Points specific to python implementation:

  1. Python passes list/mutable object by reference hence we need to make a copy of the list before passing it to the recursive function this can be done by simply doing array[:] this creates a new copy of the list.
  2. If we wish to use list as it is then we have to pop the element which we have added after the recursive call to the function.

Problems

Problem: Given an m x n grid of characters board and a string word, return true if word exists in the grid.

Learning: The idea is to use backtracking which we will start from each cell and when we visit a cell we mark with ‘.’ and pass the new board to the recursive function. When we get back from the recursive call we unmark the cell and move to the next cell. We can prune(return) the branch if the cell we are visiting is not equal to the character we are looking for.

Letter Case Permutation

Problem: Given a string s, we can transform every letter individually to be lowercase or uppercase to create all possible strings. Return a list of all possible strings we could create.

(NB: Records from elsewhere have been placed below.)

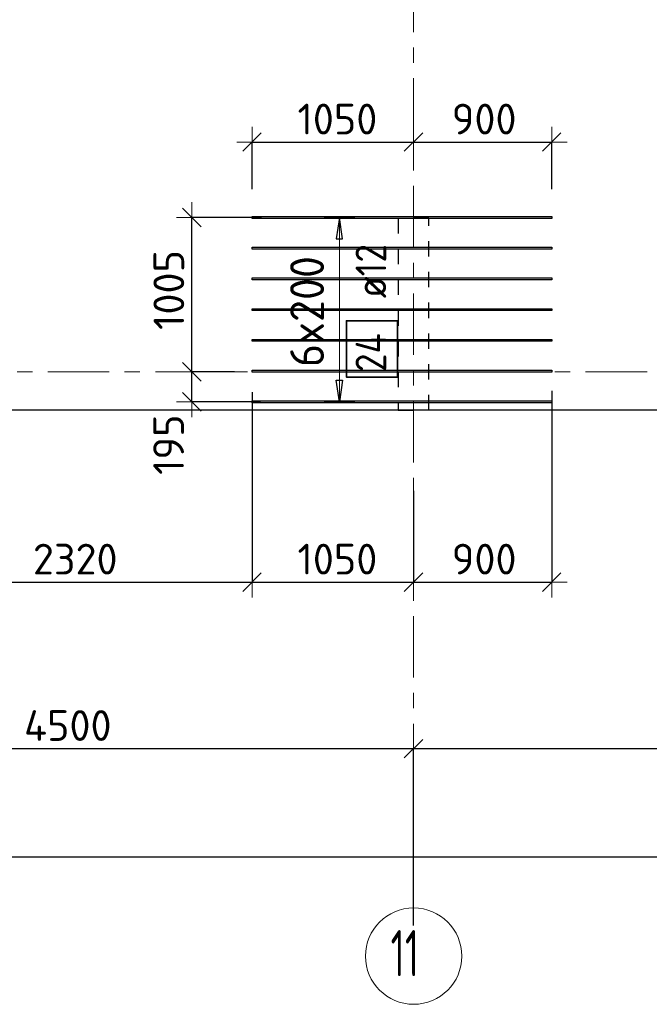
# Model space of a CAD drawing. Header units: metres. Extents: x -38 to 98, y -15 to 21.
# Tile 18 of 147: x 26 to 30, y -4 to 2. Entities that reach past the tile are written whole.
import ezdxf

# ---------------------------------------------------------------- set-up
doc = ezdxf.new("R2010")
doc.units = ezdxf.units.M
doc.header["$PDMODE"] = 65
for name, pattern in [('______11', [0.5, 0.4, -0.05, 0, -0.05]), ('______2', [0.0405, 0.03, -0.0105]), ('______5', [1.1, 0.8, -0.1, 0.1, -0.1])]:
    doc.linetypes.add(name, pattern=pattern)
for name, color, linetype, lineweight in [('XR$1$Осевая линия (1)', 7, '______5', 13), ('XR$1$Размерная линия (1)', 7, 'Continuous', 13), ('XR$4$Перекрытие (1)', 7, 'Continuous', 35), ('XR$4$Размерная линия (1)', 7, 'Continuous', 13)]:
    doc.layers.add(name, color=color, linetype=linetype, lineweight=lineweight)
doc.layers.add('XR$4$Арм.стержн.Доп. Арм верхн.зоны Х', color=7, linetype='Continuous', lineweight=35, true_color=0x8c8cff)
doc.layers.add('XR$6$Стена_ бетон несущ.', color=7, linetype='Continuous', lineweight=70, true_color=0xb4b496)
doc.styles.add('ISOCPEUR', font='txt')
doc.dimstyles.new('DIMSTYLE_3', dxfattribs={"dimtxt": 0.2, "dimasz": 0.2, "dimexe": 0, "dimexo": 0, "dimgap": 0.1, "dimtad": 2, "dimdec": 0, "dimlfac": 1000, "dimrnd": 5, "dimzin": 12, "dimdsep": 46, "dimtxsty": 'ISOCPEUR', "dimblk1": 'ALL_ML_STRICH', "dimblk2": 'ALL_ML_STRICH', "dimsah": 1, "dimcen": 0, "dimclrd": 7, "dimclre": 256, "dimclrt": 7, "dimadec": 0, "dimazin": 0, "dimtfac": 1, "dimtdec": 0, "dimtix": 1, "dimtmove": 2, "dimatfit": 3, "dimfxl": 0, "dimtzin": 0, "dimlwd": 0, "dimlwe": -3, "dimarcsym": 0})
doc.dimstyles.new('DIMSTYLE_33', dxfattribs={"dimtxt": 0.2, "dimasz": 0.2, "dimexe": 0, "dimexo": 0, "dimgap": 0.1, "dimtad": 2, "dimdec": 0, "dimlfac": 1000, "dimrnd": 5, "dimzin": 12, "dimdsep": 46, "dimtxsty": 'ISOCPEUR', "dimblk1": 'ALL_ML_STRICH', "dimblk2": 'ALL_ML_STRICH', "dimsah": 1, "dimcen": 0, "dimclrd": 7, "dimclre": 256, "dimclrt": 7, "dimadec": 0, "dimazin": 0, "dimtfac": 1, "dimtdec": 0, "dimtix": 1, "dimtmove": 2, "dimatfit": 3, "dimfxl": 0, "dimtvp": 1.2, "dimtzin": 0, "dimlwd": 0, "dimlwe": -3, "dimarcsym": 0})

# ---------------------------------------------------------------- blocks, each defined once
blk = doc.blocks.new('ALL_ML_STRICH')
at = {"color": 0, "linetype": 'ByBlock', "lineweight": -2}
for p, q in [((0, -0.5), (0, 0.5)), ((-1, 0), (0.5, 0)), ((-0.3, -0.3), (0.3, 0.3))]:
    blk.add_line(p, q, dxfattribs=at)
blk = doc.blocks.new('*D11')
at = {"layer": 'DEFPOINTS', "color": 7, "linetype": 'Continuous', "lineweight": 13, "transparency": 33554687}
for p in [(0.5, -3.1033), (0.5, -3.1563), (61.6, -3.1401)]:
    blk.add_point(p, dxfattribs=at)
at = {"layer": 'XR$1$Размерная линия (1)', "color": 9, "linetype": 'Continuous', "lineweight": -2, "true_color": 0xc7c7c7, "transparency": 33554687}
for p, q in [((0.5, -3.1233), (0.5, -3.1563)), ((61.6, -3.1563), (61.6, -3.1563))]:
    blk.add_line(p, q, dxfattribs=at)
at = {"layer": 'XR$1$Размерная линия (1)', "color": 7, "linetype": 'Continuous', "lineweight": -2, "transparency": 33554687}
blk.add_line((0.5, -3.1563), (61.6, -3.1563), dxfattribs=at)
at = {"layer": 'XR$1$Размерная линия (1)', "color": 7, "linetype": 'Continuous', "lineweight": 13, "transparency": 33554687, "xscale": 0.2, "yscale": 0.2, "zscale": 0.2, "rotation": 180}
blk.add_blockref('ALL_ML_STRICH', (0.5, -3.1563), dxfattribs=at)
at = {"layer": 'XR$1$Размерная линия (1)', "color": 7, "linetype": 'Continuous', "lineweight": 13, "transparency": 33554687, "xscale": 0.2, "yscale": 0.2, "zscale": 0.2}
blk.add_blockref('ALL_ML_STRICH', (61.6, -3.1563), dxfattribs=at)
at = {"layer": 'XR$1$Размерная линия (1)', "color": 7, "linetype": 'Continuous', "lineweight": 13, "transparency": 33554687, "insert": (31.1, -3.0063), "char_height": 0.2, "width": 1, "attachment_point": 5, "style": 'ISOCPEUR'}
blk.add_mtext('\\A1;{61100}', dxfattribs=at)
blk = doc.blocks.new('*D17')
at = {"layer": 'DEFPOINTS', "color": 7, "linetype": 'Continuous', "lineweight": 13, "transparency": 33554687}
for p in [(23.95, -2.452), (23.95, -3.5208), (28.45, -3.6233)]:
    blk.add_point(p, dxfattribs=at)
at = {"layer": 'XR$1$Размерная линия (1)', "color": 9, "linetype": 'Continuous', "lineweight": -2, "true_color": 0xc7c7c7, "transparency": 33554687}
for p, q in [((23.95, -3.5008), (23.95, -2.452)), ((28.45, -3.6033), (28.45, -2.452))]:
    blk.add_line(p, q, dxfattribs=at)
at = {"layer": 'XR$1$Размерная линия (1)', "color": 7, "linetype": 'Continuous', "lineweight": -2, "transparency": 33554687}
blk.add_line((23.95, -2.452), (28.45, -2.452), dxfattribs=at)
at = {"layer": 'XR$1$Размерная линия (1)', "color": 7, "linetype": 'Continuous', "lineweight": 13, "transparency": 33554687, "xscale": 0.2, "yscale": 0.2, "zscale": 0.2, "rotation": 180}
blk.add_blockref('ALL_ML_STRICH', (23.95, -2.452), dxfattribs=at)
at = {"layer": 'XR$1$Размерная линия (1)', "color": 7, "linetype": 'Continuous', "lineweight": 13, "transparency": 33554687, "xscale": 0.2, "yscale": 0.2, "zscale": 0.2}
blk.add_blockref('ALL_ML_STRICH', (28.45, -2.452), dxfattribs=at)
at = {"layer": 'XR$1$Размерная линия (1)', "color": 7, "linetype": 'Continuous', "lineweight": 13, "transparency": 33554687, "insert": (26.2, -2.302), "char_height": 0.2, "width": 0.8, "attachment_point": 5, "style": 'ISOCPEUR'}
blk.add_mtext('\\A1;{4500}', dxfattribs=at)
blk = doc.blocks.new('*D18')
at = {"layer": 'DEFPOINTS', "color": 7, "linetype": 'Continuous', "lineweight": 13, "transparency": 33554687}
for p in [(28.45, -2.452), (32.55, -2.8016), (28.45, -3.6233)]:
    blk.add_point(p, dxfattribs=at)
at = {"layer": 'XR$1$Размерная линия (1)', "color": 9, "linetype": 'Continuous', "lineweight": -2, "true_color": 0xc7c7c7, "transparency": 33554687}
for p, q in [((28.45, -3.6033), (28.45, -2.452)), ((32.55, -2.7816), (32.55, -2.452))]:
    blk.add_line(p, q, dxfattribs=at)
at = {"layer": 'XR$1$Размерная линия (1)', "color": 7, "linetype": 'Continuous', "lineweight": -2, "transparency": 33554687}
blk.add_line((28.45, -2.452), (32.55, -2.452), dxfattribs=at)
at = {"layer": 'XR$1$Размерная линия (1)', "color": 7, "linetype": 'Continuous', "lineweight": 13, "transparency": 33554687, "xscale": 0.2, "yscale": 0.2, "zscale": 0.2, "rotation": 180}
blk.add_blockref('ALL_ML_STRICH', (28.45, -2.452), dxfattribs=at)
at = {"layer": 'XR$1$Размерная линия (1)', "color": 7, "linetype": 'Continuous', "lineweight": 13, "transparency": 33554687, "xscale": 0.2, "yscale": 0.2, "zscale": 0.2}
blk.add_blockref('ALL_ML_STRICH', (32.55, -2.452), dxfattribs=at)
at = {"layer": 'XR$1$Размерная линия (1)', "color": 7, "linetype": 'Continuous', "lineweight": 13, "transparency": 33554687, "insert": (30.52, -2.302), "char_height": 0.2, "width": 0.8, "attachment_point": 5, "style": 'ISOCPEUR'}
blk.add_mtext('\\A1;{4100}', dxfattribs=at)
blk = doc.blocks.new('*D357')
at = {"layer": 'DEFPOINTS', "color": 7, "linetype": 'Continuous', "lineweight": 13, "transparency": 33554687}
for p in [(27.304, 0), (27.0077, -0.1954), (27.4733, -0.1954)]:
    blk.add_point(p, dxfattribs=at)
at = {"layer": 'XR$4$Размерная линия (1)', "color": 9, "linetype": 'Continuous', "lineweight": -2, "true_color": 0xc7c7c7, "transparency": 33554687}
for p, q in [((27.284, 0), (27.0077, 0)), ((27.4533, -0.1954), (27.0077, -0.1954))]:
    blk.add_line(p, q, dxfattribs=at)
at = {"layer": 'XR$4$Размерная линия (1)', "color": 7, "linetype": 'Continuous', "lineweight": -2, "transparency": 33554687}
blk.add_line((27.0077, -0.1954), (27.0077, 0), dxfattribs=at)
at = {"layer": 'XR$4$Размерная линия (1)', "color": 7, "linetype": 'Continuous', "lineweight": 13, "transparency": 33554687, "xscale": 0.2, "yscale": 0.2, "zscale": 0.2}
for p, rotation in [((27.0077, 0), 90), ((27.0077, -0.1954), 270)]:
    blk.add_blockref('ALL_ML_STRICH', p, dxfattribs=dict(at, rotation=rotation))
at = {"layer": 'XR$4$Размерная линия (1)', "color": 7, "linetype": 'Continuous', "lineweight": 13, "transparency": 33554687, "insert": (26.8562, -0.4745), "char_height": 0.2, "width": 0.6, "attachment_point": 5, "rotation": 90, "style": 'ISOCPEUR'}
blk.add_mtext('\\A1;{195}', dxfattribs=at)
blk = doc.blocks.new('*D358')
at = {"layer": 'DEFPOINTS', "color": 7, "linetype": 'Continuous', "lineweight": 13, "transparency": 33554687}
for p in [(27.4803, 1.0046), (27.0077, 0), (27.304, 0)]:
    blk.add_point(p, dxfattribs=at)
at = {"layer": 'XR$4$Размерная линия (1)', "color": 9, "linetype": 'Continuous', "lineweight": -2, "true_color": 0xc7c7c7, "transparency": 33554687}
for p, q in [((27.4603, 1.0046), (27.0077, 1.0046)), ((27.284, 0), (27.0077, 0))]:
    blk.add_line(p, q, dxfattribs=at)
at = {"layer": 'XR$4$Размерная линия (1)', "color": 7, "linetype": 'Continuous', "lineweight": -2, "transparency": 33554687}
blk.add_line((27.0077, 0), (27.0077, 1.0046), dxfattribs=at)
at = {"layer": 'XR$4$Размерная линия (1)', "color": 7, "linetype": 'Continuous', "lineweight": 13, "transparency": 33554687, "xscale": 0.2, "yscale": 0.2, "zscale": 0.2}
for p, rotation in [((27.0077, 1.0046), 90), ((27.0077, 0), 270)]:
    blk.add_blockref('ALL_ML_STRICH', p, dxfattribs=dict(at, rotation=rotation))
at = {"layer": 'XR$4$Размерная линия (1)', "color": 7, "linetype": 'Continuous', "lineweight": 13, "transparency": 33554687, "insert": (26.8577, 0.5323), "char_height": 0.2, "width": 0.8, "attachment_point": 5, "rotation": 90, "style": 'ISOCPEUR'}
blk.add_mtext('\\A1;{1005}', dxfattribs=at)
blk = doc.blocks.new('*D535')
at = {"layer": 'DEFPOINTS', "color": 7, "linetype": 'Continuous', "lineweight": 13, "transparency": 33554687}
for p in [(27.3994, -0.1116), (25.0778, -0.2498), (25.0778, -1.369)]:
    blk.add_point(p, dxfattribs=at)
at = {"layer": 'XR$4$Размерная линия (1)', "color": 9, "linetype": 'Continuous', "lineweight": -2, "true_color": 0xc7c7c7, "transparency": 33554687}
for p, q in [((27.3994, -0.1316), (27.3994, -1.369)), ((25.0778, -0.2698), (25.0778, -1.369))]:
    blk.add_line(p, q, dxfattribs=at)
at = {"layer": 'XR$4$Размерная линия (1)', "color": 7, "linetype": 'Continuous', "lineweight": -2, "transparency": 33554687}
blk.add_line((25.0778, -1.369), (27.3994, -1.369), dxfattribs=at)
at = {"layer": 'XR$4$Размерная линия (1)', "color": 7, "linetype": 'Continuous', "lineweight": 13, "transparency": 33554687, "xscale": 0.2, "yscale": 0.2, "zscale": 0.2, "rotation": 180}
blk.add_blockref('ALL_ML_STRICH', (25.0778, -1.369), dxfattribs=at)
at = {"layer": 'XR$4$Размерная линия (1)', "color": 7, "linetype": 'Continuous', "lineweight": 13, "transparency": 33554687, "xscale": 0.2, "yscale": 0.2, "zscale": 0.2}
blk.add_blockref('ALL_ML_STRICH', (27.3994, -1.369), dxfattribs=at)
at = {"layer": 'XR$4$Размерная линия (1)', "color": 7, "linetype": 'Continuous', "lineweight": 13, "transparency": 33554687, "insert": (26.2486, -1.219), "char_height": 0.2, "width": 0.8, "attachment_point": 5, "style": 'ISOCPEUR'}
blk.add_mtext('\\A1;{2320}', dxfattribs=at)
blk = doc.blocks.new('*D536')
at = {"layer": 'DEFPOINTS', "color": 7, "linetype": 'Continuous', "lineweight": 13, "transparency": 33554687}
for p in [(27.3994, -0.1116), (28.45, -0.7547), (27.3994, -1.369)]:
    blk.add_point(p, dxfattribs=at)
at = {"layer": 'XR$4$Размерная линия (1)', "color": 9, "linetype": 'Continuous', "lineweight": -2, "true_color": 0xc7c7c7, "transparency": 33554687}
for p, q in [((27.3994, -0.1316), (27.3994, -1.369)), ((28.45, -0.7747), (28.45, -1.369))]:
    blk.add_line(p, q, dxfattribs=at)
at = {"layer": 'XR$4$Размерная линия (1)', "color": 7, "linetype": 'Continuous', "lineweight": -2, "transparency": 33554687}
blk.add_line((27.3994, -1.369), (28.45, -1.369), dxfattribs=at)
at = {"layer": 'XR$4$Размерная линия (1)', "color": 7, "linetype": 'Continuous', "lineweight": 13, "transparency": 33554687, "xscale": 0.2, "yscale": 0.2, "zscale": 0.2, "rotation": 180}
blk.add_blockref('ALL_ML_STRICH', (27.3994, -1.369), dxfattribs=at)
at = {"layer": 'XR$4$Размерная линия (1)', "color": 7, "linetype": 'Continuous', "lineweight": 13, "transparency": 33554687, "xscale": 0.2, "yscale": 0.2, "zscale": 0.2}
blk.add_blockref('ALL_ML_STRICH', (28.45, -1.369), dxfattribs=at)
at = {"layer": 'XR$4$Размерная линия (1)', "color": 7, "linetype": 'Continuous', "lineweight": 13, "transparency": 33554687, "insert": (27.9547, -1.219), "char_height": 0.2, "width": 0.8, "attachment_point": 5, "style": 'ISOCPEUR'}
blk.add_mtext('\\A1;{1050}', dxfattribs=at)
blk = doc.blocks.new('*D537')
at = {"layer": 'DEFPOINTS', "color": 7, "linetype": 'Continuous', "lineweight": 13, "transparency": 33554687}
for p in [(29.3494, -0.103), (28.45, -0.7547), (28.45, -1.369)]:
    blk.add_point(p, dxfattribs=at)
at = {"layer": 'XR$4$Размерная линия (1)', "color": 9, "linetype": 'Continuous', "lineweight": -2, "true_color": 0xc7c7c7, "transparency": 33554687}
for p, q in [((29.3494, -0.123), (29.3494, -1.369)), ((28.45, -0.7747), (28.45, -1.369))]:
    blk.add_line(p, q, dxfattribs=at)
at = {"layer": 'XR$4$Размерная линия (1)', "color": 7, "linetype": 'Continuous', "lineweight": -2, "transparency": 33554687}
blk.add_line((28.45, -1.369), (29.3494, -1.369), dxfattribs=at)
at = {"layer": 'XR$4$Размерная линия (1)', "color": 7, "linetype": 'Continuous', "lineweight": 13, "transparency": 33554687, "xscale": 0.2, "yscale": 0.2, "zscale": 0.2, "rotation": 180}
blk.add_blockref('ALL_ML_STRICH', (28.45, -1.369), dxfattribs=at)
at = {"layer": 'XR$4$Размерная линия (1)', "color": 7, "linetype": 'Continuous', "lineweight": 13, "transparency": 33554687, "xscale": 0.2, "yscale": 0.2, "zscale": 0.2}
blk.add_blockref('ALL_ML_STRICH', (29.3494, -1.369), dxfattribs=at)
at = {"layer": 'XR$4$Размерная линия (1)', "color": 7, "linetype": 'Continuous', "lineweight": 13, "transparency": 33554687, "insert": (28.9097, -1.219), "char_height": 0.2, "width": 0.6, "attachment_point": 5, "style": 'ISOCPEUR'}
blk.add_mtext('\\A1;{900}', dxfattribs=at)
blk = doc.blocks.new('*D538')
at = {"layer": 'DEFPOINTS', "color": 7, "linetype": 'Continuous', "lineweight": 13, "transparency": 33554687}
for p in [(27.3994, 1.4949), (28.45, 1.5164), (27.3994, 1.0886)]:
    blk.add_point(p, dxfattribs=at)
at = {"layer": 'XR$4$Размерная линия (1)', "color": 9, "linetype": 'Continuous', "lineweight": -2, "true_color": 0xc7c7c7, "transparency": 33554687}
for p, q in [((27.3994, 1.1886), (27.3994, 1.4949)), ((28.45, 1.4949), (28.45, 1.4949))]:
    blk.add_line(p, q, dxfattribs=at)
at = {"layer": 'XR$4$Размерная линия (1)', "color": 7, "linetype": 'Continuous', "lineweight": -2, "transparency": 33554687}
blk.add_line((27.3994, 1.4949), (28.45, 1.4949), dxfattribs=at)
at = {"layer": 'XR$4$Размерная линия (1)', "color": 7, "linetype": 'Continuous', "lineweight": 13, "transparency": 33554687, "xscale": 0.2, "yscale": 0.2, "zscale": 0.2, "rotation": 180}
blk.add_blockref('ALL_ML_STRICH', (27.3994, 1.4949), dxfattribs=at)
at = {"layer": 'XR$4$Размерная линия (1)', "color": 7, "linetype": 'Continuous', "lineweight": 13, "transparency": 33554687, "xscale": 0.2, "yscale": 0.2, "zscale": 0.2}
blk.add_blockref('ALL_ML_STRICH', (28.45, 1.4949), dxfattribs=at)
at = {"layer": 'XR$4$Размерная линия (1)', "color": 7, "linetype": 'Continuous', "lineweight": 13, "transparency": 33554687, "insert": (27.9547, 1.6449), "char_height": 0.2, "width": 0.8, "attachment_point": 5, "style": 'ISOCPEUR'}
blk.add_mtext('\\A1;{1050}', dxfattribs=at)
blk = doc.blocks.new('*D539')
at = {"layer": 'DEFPOINTS', "color": 7, "linetype": 'Continuous', "lineweight": 13, "transparency": 33554687}
for p in [(28.45, 1.5164), (28.45, 1.4949), (29.3494, 1.0883)]:
    blk.add_point(p, dxfattribs=at)
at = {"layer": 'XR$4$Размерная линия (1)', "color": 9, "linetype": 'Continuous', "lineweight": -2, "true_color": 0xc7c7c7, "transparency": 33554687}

Learning: We will use backtracking as the string is alpha numerice when the string is a letter we have 2 choice either to keep it as a lower case or to upper case but if it is a number we can just keep it as it is(No branching). Basically it is conditional branching. Also we have a function swapcase() which can be used to swap the case of the letter.solution

Subsets

Problem: Given an integer array nums of unique elements, return all possible subsets (the power set). The solution set must not contain duplicate subsets. Return the solution in any order.

Learning: The idea is to use backtracking and at each step we have 2 choice either to include the element or not. In both the cases we will remove the number for the list and pass the new list to the recursive function.

Subsets II

Problem: Given an integer array nums that may contain duplicates, return all possible subsets (the power set). The solution set must not contain duplicate subsets. Return the solution in any order.

Learning: The idea is to use backtracking and at each step we have 2 choice either to include the element or not. But the difference here is that we also have to decide on number of times we want to include the element. So effectully we have k choice which is the number of times we want to include the element this will also include zero time or not to keep the element and we write such recurssion in loop. solution This solution prevents us from duplicates because for each element we are only branching ones with a branching factor of k. If we use the stratergy of Subsets I then we will have duplicates because we will be branching for single element multiple times.

Permutations

Problem: Given an array nums of distinct integers, return all the possible permutations. You can return the answer in any order.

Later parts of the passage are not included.